**PROBLEM DESCRIPTION:** What is printed must match, line for line, the records from their first line through the line containing "doc.units = ezdxf.units.MM", with pictures left out.

________________________________________

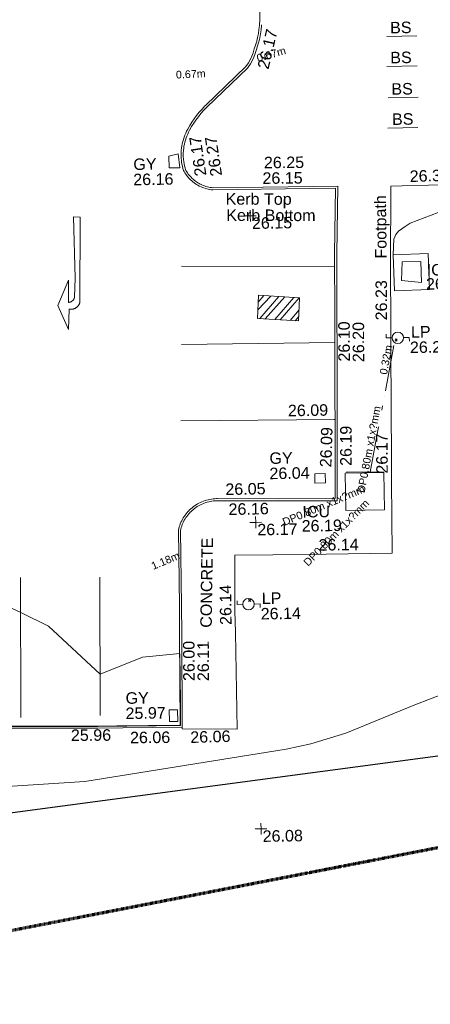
# Model space of a CAD drawing. Header units: millimetres. Extents: x -290717 to 520720, y -88450 to 287762.
# Tile 216 of 256: x 41134 to 54517, y -60301 to -28179. Entities that reach past the tile are written whole.
import ezdxf

# ---------------------------------------------------------------- set-up
doc = ezdxf.new("R2010")
doc.units = ezdxf.units.MM
for name, pattern in [('Dash 1_5mm', [3, 1.5, -1.5]), ('IMPORT-HIDDEN2 _3_', [4762.5, 3175, -1587.5]), ('IMPORT-UG_ELEC_LV_QLB2 _2_', [2700, 1500, -300.0000000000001, 0, -250, 150, -300.0000000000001, 0, -200]), ('IMPORT-UG_ELEC_STREET LIGHTING_QLB2 _2_', [2700, 1500, -300.0000000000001, 0, -250, 150, -300.0000000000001, 0, -200])]:
    doc.linetypes.add(name, pattern=pattern)
for name, color, linetype, lineweight, true_color in [('00_TOPO_FURN_LAMP_POST', 7, 'Continuous', 9, 0x666666), ('00_UAV_BIKE_STAND', 1, 'Continuous', 9, 0xff0000), ('00_UAV_CONCRETE', 9, 'Continuous', 9, 0x808080), ('00_UAV_FOOTPATH', 7, 'Continuous', 9, 0xa50000), ('00_UAV_FORM_LINES', 7, 'Continuous', 9, 0x666666), ('00_UAV_FURN_LAMP_POST', 7, 'Continuous', 9, 0xa50000), ('00_UAV_KERB_BOTTOM', 1, 'Continuous', 9, 0xff0000), ('00_UAV_KERB_TOP', 7, 'Continuous', 9, 0xa500a5), ('00_UAV_LEVEL_SPOT', 7, 'Continuous', 9, 0x666666), ('00_UAV_PARKING', 4, 'Continuous', 9, 0x00ffff), ('00_UAV_ROAD_MARKING_ARROWS', 7, 'Continuous', 9, 0x999999), ('00_UAV_ROAD_MARKING_WHITE_CONTINUOUS', 7, 'Continuous', 9, 0x999999), ('00_UAV_SERV_GULLY', 7, 'Continuous', 9, 0x5252a5), ('00_UAV_SERV_IC', 5, 'Continuous', 9, 0x0000ff), ('01_DTM_CONTOUR_MNR', 7, 'Continuous', 9, 0xa5a552), ('12333-PUM-2D-U-0001-C01 - Rev2_REVIT IMPORT_dwg', 7, 'Continuous', 9, 0x767676), ('A_RHA_Line', 7, 'Continuous', 9, 0x00a600), ('PUM-CHAMBER EXTENTS', 6, 'IMPORT-HIDDEN2 _3_', 9, 0xff00ff), ('PUM-ELECTRIC-LV-QLB2', 1, 'IMPORT-UG_ELEC_LV_QLB2 _2_', 9, 0xff0000), ('PUM-ELECTRIC-MH', 1, 'Continuous', 9, 0xff0000), ('PUM-ELECTRIC-SL-QLB2', 7, 'IMPORT-UG_ELEC_STREET LIGHTING_QLB2 _2_', 9, 0xff7f7f), ('PUM-SURVEY BOUNDARY_EXTENT', 190, 'Continuous', 25, 0x7f00ff)]:
    doc.layers.add(name, color=color, linetype=linetype, lineweight=lineweight, true_color=true_color)
doc.layers.add('00_UAV_SURVEY_TEXT', color=7, linetype='Continuous', lineweight=9)
doc.layers.add('GEN-TEXT', color=7, linetype='Continuous', lineweight=9)
doc.styles.add('Arial_1', font='arial.ttf', dxfattribs={"height": 250})
doc.styles.add('Swis721 Lt BT_2', font='swissl.ttf', dxfattribs={"height": 375})

# ---------------------------------------------------------------- blocks, each defined once
blk = doc.blocks.new('12333-PUM-2D-U-0001-C01 - Rev2_REVIT IMPORT_dwg_MSL_Lamp_Post_SYM-2077240-Site Location Plan Existing')
at = {"layer": '00_TOPO_FURN_LAMP_POST', "color": 254, "true_color": 0xcccccc, "flags": 128}
for points in [[(-500.1060478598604, 0), (-1000.212095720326, 0), (-1000.212095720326, 316.7338303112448)], [(500.1060478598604, 0), (1000.21209571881, 0), (1000.21209571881, -316.7338303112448)]]:
    blk.add_lwpolyline(points, dxfattribs=at)
at = {"layer": '00_TOPO_FURN_LAMP_POST', "color": 254, "true_color": 0xcccccc}
blk.add_circle((0, 0), 500.1060478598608, dxfattribs=at)
blk = doc.blocks.new('12333-PUM-2D-U-0001-C01 - Rev2_REVIT IMPORT_dwg_UAV-2077255-Site Location Plan Existing')
at = {"layer": '00_UAV_LEVEL_SPOT', "color": 254, "true_color": 0xcccccc, "flags": 128}
for points in [[(0, -500.0000000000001), (0, 0), (-500.0000000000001, 0)], [(500.0000000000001, 0), (0, 0), (0, 500.0000000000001)]]:
    blk.add_lwpolyline(points, dxfattribs=at)
blk = doc.blocks.new('12333-PUM-2D-U-0001-C01 - Rev2_REVIT IMPORT_dwg_MGS62954_T2_Galway_ITM_3d_Rev1-2077680-Site Location Plan Existing')
at = {"layer": '00_UAV_BIKE_STAND', "color": 254, "true_color": 0xcccccc}
for p, q in [((533955530.0902098, 725525774.8644043), (533954547.0902098, 725525771.8644043)), ((533955519.0902098, 725524796.8644043), (533954536.0902098, 725524793.8644043)), ((533955537.0902098, 725523772.8644041), (533954554.0902097, 725523769.864404)), ((533955510.0902097, 725522786.8644042), (533954527.0902097, 725522783.8644042))]:
    blk.add_line(p, q, dxfattribs=at)
at = {"layer": '00_UAV_CONCRETE', "color": 254, "true_color": 0xcccccc, "flags": 128}
blk.add_lwpolyline([(533954629.5362045, 725518644.8525176), (533955771.5362046, 725518674.8525176), (533955802.3743511, 725517500.9470663), (533954660.3743512, 725517470.9470663)], close=True, dxfattribs=at)
at = {"layer": '00_UAV_FOOTPATH', "color": 254, "true_color": 0xcccccc, "flags": 128}
blk.add_lwpolyline([(533947490.9145735, 725503356.2019494), (533947489.5362047, 725503306.8525176), (533949278.5362046, 725503258.8525177), (533949275.2695647, 725506418.5101815), (533949274.5362047, 725507127.8525176), (533949302.5362048, 725508938.8525175), (533951781.8877544, 725508920.5116521), (533952276.5362046, 725508916.8525176), (533954432.5362047, 725508914.8525176), (533954451.4360221, 725511263.9423158), (533954456.5362047, 725511897.8525176), (533954503.5362048, 725515556.8525176), (533954513.8522297, 725516263.2423245), (533954543.5362046, 725518295.8525176), (533954594.5362048, 725520886.8525176), (533954969.5556239, 725520890.8114558), (533956678.5362046, 725520908.8525175)], dxfattribs=at)
at = {"layer": '00_UAV_FORM_LINES', "color": 254, "true_color": 0xcccccc, "flags": 128}
for points in [[(533954629.5362047, 725518644.8525176), (533954661.5365, 725519154.8525002), (533954730.5365, 725519313.8525002), (533954815.5365, 725519416.8525001), (533955037.5365, 725519566.8525001), (533955210.5365, 725519673.8525001), (533956348.5365, 725520080.8525002), (533956733.5365, 725520283.8525002), (533956933.5365, 725520465.8525001), (533957134.5365, 725520757.8525002), (533957235.5365, 725521022.8525002), (533957253.5365002, 725521328.8525002), (533957204.5365002, 725521890.8525002), (533957175.5365001, 725524506.8525001), (533957069.5365002, 725527624.8525002), (533956955.5365, 725531093.8525001), (533956805.5365, 725533566.8525002), (533956795.5365001, 725533729.8525002), (533956860.5365, 725533838.8525001), (533956971.5365002, 725533951.8525001), (533957133.5365001, 725534022.8525002), (533957893.0902098, 725534168.8644043)], [(533891285.9865, 725491220.0060003), (533893029.9865001, 725491782.0060002), (533896429.9865001, 725493957.0060003), (533897740.9865001, 725494819.0060002), (533898691.9865001, 725495219.006), (533900316.5495001, 725495866.014), (533903698.5495002, 725495954.0140002), (533912696.5495001, 725496981.0139999), (533920852.5495001, 725498281.0140002), (533931737.7249999, 725500079.6935), (533941064.725, 725501493.6935), (533944284.725, 725501640.6935), (533950868.725, 725502585.6935003), (533951666.7249999, 725502740.6935003), (533952812.7250001, 725503073.6935002), (533955028.725, 725503937.6935002), (533956273.725, 725504395.6935002), (533960712.5365, 725504931.8525001)]]:
    blk.add_lwpolyline(points, dxfattribs=at)
at = {"layer": '00_UAV_KERB_BOTTOM', "color": 254, "true_color": 0xcccccc, "flags": 128}
blk.add_lwpolyline([(533950406.5040748, 725526226.4049691), (533950404.7939532, 725526206.1649225), (533950388.2727191, 725526075.9263481), (533950366.3121516, 725525946.4938525), (533950338.9507769, 725525818.0945041), (533950306.2365959, 725525690.9535595), (533950268.2270007, 725525565.2940667), (533950224.9886731, 725525441.3364751), (533950183.5952229, 725525320.9124568), (533950140.6948515, 725525206.6677225), (533950081.0157391, 725525085.8014199), (533950030.0294461, 725524992.9492552), (533949941.7830805, 725524870.6826469), (533948597.7048924, 725523623.8325347), (533948583.6250276, 725523610.2697823), (533948487.5080935, 725523513.1411537), (533948395.5427951, 725523412.072764), (533948307.8904708, 725523307.2419213), (533948224.7048924, 725523198.8325347), (533948151.1044114, 725523094.4127623), (533948076.9687212, 725522979.6245441), (533948007.7048925, 725522861.8325347), (533947973.1397697, 725522798.5914624), (533947941.2141779, 725522733.8832823), (533947912.0262877, 725522667.8949573), (533947885.6273043, 725522600.7422532), (533947862.0635408, 725522532.5429788), (533947841.3763357, 725522463.4167786), (533947823.6019819, 725522393.4849236), (533947808.7716613, 725522322.8700984), (533947796.9113915, 725522251.6961848), (533947788.0419791, 725522180.088046), (533947785.7188318, 725522151.5918276), (533947782.1789844, 725522108.1713074), (533947779.3326932, 725522036.0721354), (533947779.5080982, 725521963.9170163), (533947782.7048924, 725521891.8325347), (533947784.272485, 725521869.9826034), (533947791.398665, 725521798.18003), (533947801.5253735, 725521726.7388532), (533947814.6348454, 725521655.7844049), (533947830.7040821, 725521585.4411633), (533947849.7048925, 725521515.8325346), (533947865.938662, 725521484.9038464), (533947890.6359626, 725521441.6675694), (533947917.1221472, 725521399.5034335), (533947945.3507493, 725521358.485409), (533947975.2722468, 725521318.6854557), (533948006.8341472, 725521280.1733956), (533948039.9810802, 725521243.0167925), (533948074.6548946, 725521207.2808317), (533948110.794761, 725521173.0282059), (533948148.3372777, 725521140.3190061), (533948187.2165822, 725521109.2106152), (533948227.3644674, 725521079.7576078), (533948268.7104998, 725521052.011655), (533948311.1821447, 725521026.021432), (533948354.7048924, 725521001.8325348), (533948365.4838072, 725520996.2043456), (533948410.2075329, 725520974.3155205), (533948455.8086374, 725520954.3187313), (533948502.2071204, 725520936.249058), (533948549.3215835, 725520920.1382022), (533948597.0693719, 725520906.0144272), (533948645.3667196, 725520893.9025111), (533948694.1288968, 725520883.8237021), (533948743.2703581, 725520875.7956818), (533948792.7048924, 725520869.8325347), (533951957.5220419, 725520857.1859128), (533952796.7048925, 725520853.8325348), (533952723.7249327, 725518708.6936798), (533952697.2250117, 725516694.6996831), (533952681.7249328, 725515516.6936797), (533952616.2956557, 725511695.4643148), (533952599.7249327, 725510727.6936797), (533950757.7249328, 725510757.6936797), (533948763.7249327, 725510794.6936797), (533948735.4682711, 725510794.9411247), (533948681.3387665, 725510793.6895791), (533948627.3091521, 725510790.1724234), (533948573.4742138, 725510784.3958272), (533948568.9619051, 725510783.7194839), (533948519.9283968, 725510776.3699247), (533948466.7656386, 725510766.1087961), (533948414.0792045, 725510753.6304433), (533948361.9615245, 725510738.9567573), (533948310.5040308, 725510722.1134804), (533948259.7969974, 725510703.130162), (533948209.9293814, 725510682.0401047), (533948160.9886678, 725510658.8803083), (533948113.0607151, 725510633.6914023), (533948066.2296053, 725510606.517577), (533948020.5774961, 725510577.4065045), (533947976.1844764, 725510546.4092554), (533947933.1284273, 725510513.5802094), (533947891.4848834, 725510478.9769598), (533947851.3269017, 725510442.6602126), (533947812.7249327, 725510404.6936797), (533947808.4275394, 725510400.2651073), (533947771.6385234, 725510360.5393231), (533947736.5453208, 725510319.3078212), (533947703.2094968, 725510276.6429354), (533947671.6895341, 725510232.6195146), (533947642.0407292, 725510187.3147907), (533947614.3150964, 725510140.8082439), (533947588.5612757, 725510093.181462), (533947564.8244481, 725510044.5179988), (533947543.1462561, 725509994.9032269), (533947523.5647304, 725509944.4241867), (533947506.114224, 725509893.1694361), (533947490.8253508, 725509841.2288933), (533947477.7249326, 725509788.6936796), (533947466.7249327, 725507318.6936797), (533947455.6560336, 725506361.3568909), (533947421.7249326, 725503426.6936796), (533945356.9654995, 725503441.3155318), (533944738.7249327, 725503445.6936797), (533940357.6482238, 725503522.058477)], dxfattribs=at)
at = {"layer": '00_UAV_KERB_TOP', "color": 254, "true_color": 0xcccccc, "flags": 128}
blk.add_lwpolyline([(533950476.2555434, 725526220.5115297), (533950474.4219719, 725526198.810398), (533950457.5316867, 725526065.6625559), (533950435.0805643, 725525933.3387989), (533950407.1079913, 725525802.0712677), (533950373.6630415, 725525672.0902503), (533950334.8043884, 725525543.6237772), (533950291.1354693, 725525418.4317467), (533950249.4734834, 725525297.2264897), (533950205.0025099, 725525178.799204), (533950143.1070508, 725525053.4442015), (533950089.3125729, 725524955.4779946), (533949994.4798146, 725524824.0858444), (533948645.793909, 725523572.9613283), (533948632.7915474, 725523560.4365056), (533948538.2954015, 725523464.9457251), (533948448.303769, 725523366.0463623), (533948362.5325502, 725523263.465293), (533948281.1031507, 725523157.3445998), (533948209.1371776, 725523055.2437652), (533948136.566609, 725522942.878908), (533948068.6024731, 725522827.2971923), (533948035.2666802, 725522766.3053279), (533948004.6382473, 725522704.2262863), (533947976.6366295, 725522640.9198997), (533947951.3105702, 725522576.4964577), (533947928.7044996, 725522511.0689808), (533947908.8580769, 725522444.7522507), (533947891.8061195, 725522377.6626097), (533947877.578542, 725522309.9177558), (533947866.2003046, 725522241.6365367), (533947857.6913686, 725522172.9387408), (533947855.4760617, 725522145.7653171), (533947852.0666613, 725522103.944887), (533947849.3360507, 725522034.7760146), (533947849.5043268, 725521965.5534686), (533947852.5938194, 725521895.8885303), (533947854.0246428, 725521875.9449605), (533947860.9116297, 725521806.5524683), (533947870.6267623, 725521738.0148481), (533947883.203431, 725521669.9441746), (533947898.6195716, 725521602.4598671), (533947915.2275215, 725521541.617377), (533947927.3399218, 725521518.5407499), (533947950.6912378, 725521477.6608177), (533947975.6175027, 725521437.9799638), (533948002.1835647, 725521399.37772), (533948030.3428179, 725521361.9218084), (533948060.0458615, 725521325.6779392), (533948091.2405864, 725521290.709696), (533948123.8722659, 725521257.0784256), (533948157.8836536, 725521224.8431286), (533948193.2150814, 725521194.0603564), (533948229.8045664, 725521164.7841126), (533948267.5879182, 725521137.0657576), (533948306.4988515, 725521110.9539188), (533948346.4691036, 725521086.4944054), (533948387.9129657, 725521063.4609029), (533948397.0748586, 725521058.6770388), (533948439.6623333, 725521037.8337444), (533948482.5777337, 725521019.0146776), (533948526.2435508, 725521002.0092287), (533948570.5831795, 725520986.8472313), (533948615.5188336, 725520973.5552843), (533948660.9716806, 725520962.1567066), (533948706.8619807, 725520952.6714948), (533948753.1092263, 725520945.11629), (533948797.0509331, 725520939.8157269), (533952073.3874811, 725520926.723473), (533952869.1170418, 725520923.5437344), (533952793.709272, 725518707.0429642), (533952767.5770069, 725516720.9908212), (533952751.7170486, 725515515.6339868), (533952686.7561008, 725511721.7561833), (533952668.5172704, 725510656.5639999), (533950756.5056376, 725510687.7042547), (533948762.7690884, 725510724.6993661), (533948735.9709439, 725510724.9340389), (533948734.5814741, 725510724.9019125), (533948684.4227255, 725510723.7421759), (533948633.3194991, 725510720.4155189), (533948582.4004047, 725510714.9517986), (533948531.7547721, 725510707.3606001), (533948481.4714506, 725510697.6552417), (533948431.6386543, 725510685.8527497), (533948382.3438069, 725510671.9738297), (533948333.6733885, 725510656.0428298), (533948285.7127832, 725510638.0876983), (533948238.5461303, 725510618.139935), (533948192.2561763, 725510596.2345349), (533948146.9241295, 725510572.4099272), (533948102.6295174, 725510546.7079089), (533948059.4500481, 725510519.1735696), (533948017.4614731, 725510489.8552144), (533947976.7374544, 725510458.8042772), (533947937.349436, 725510426.0752319), (533947899.3665176, 725510391.7254966), (533947862.3921477, 725510355.3597703), (533947859.2321325, 725510352.1032946), (533947823.9942746, 725510314.0524937), (533947790.8018134, 725510275.0541998), (533947759.2715468, 725510234.7001581), (533947729.4587892, 725510193.0611632), (533947701.4158427, 725510150.210264), (533947675.1919041, 725510106.2226359), (533947650.8329791, 725510061.1754476), (533947628.3818013, 725510015.1477276), (533947607.8777581, 725509968.2202237), (533947589.3568202, 725509920.4752631), (533947572.8514796, 725509871.9966066), (533947558.3906927, 725509822.8693022), (533947547.6866609, 725509779.9440621), (533947536.7231306, 725507318.1331546), (533947526.3107282, 725506417.576042), (533947490.9145735, 725503356.2019494), (533945552.8735138, 725503369.9264294), (533944737.8670808, 725503375.6979995), (533940553.5312088, 725503448.6334858)], dxfattribs=at)
at = {"layer": '00_UAV_PARKING', "color": 254, "true_color": 0xcccccc, "flags": 128}
blk.add_lwpolyline([(533950645.3824745, 725538256.4534836), (533950650.7048923, 725537465.8325346), (533950553.7048926, 725533495.8325347), (533950550.1539819, 725533257.8700655), (533950484.7048924, 725528871.8325348), (533950468.4142115, 725528258.9573699), (533950418.7048925, 725526388.8325346), (533950406.5040748, 725526226.4049691)], dxfattribs=at)
at = {"layer": '00_UAV_ROAD_MARKING_ARROWS', "color": 254, "true_color": 0xcccccc, "flags": 128}
blk.add_lwpolyline([(533944458.7249328, 725520054.6936798), (533944390.7249327, 725517262.6936797), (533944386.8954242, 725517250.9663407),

________________________________________

**PROBLEM SOLUTION:**
# Model space of a CAD drawing. Header units: millimetres. Extents: x -290717 to 520720, y -88450 to 287762.
# Tile 216 of 256: x 41134 to 54517, y -60301 to -28179. Entities that reach past the tile are written whole.
import ezdxf

# ---------------------------------------------------------------- set-up
doc = ezdxf.new("R2010")
doc.units = ezdxf.units.MM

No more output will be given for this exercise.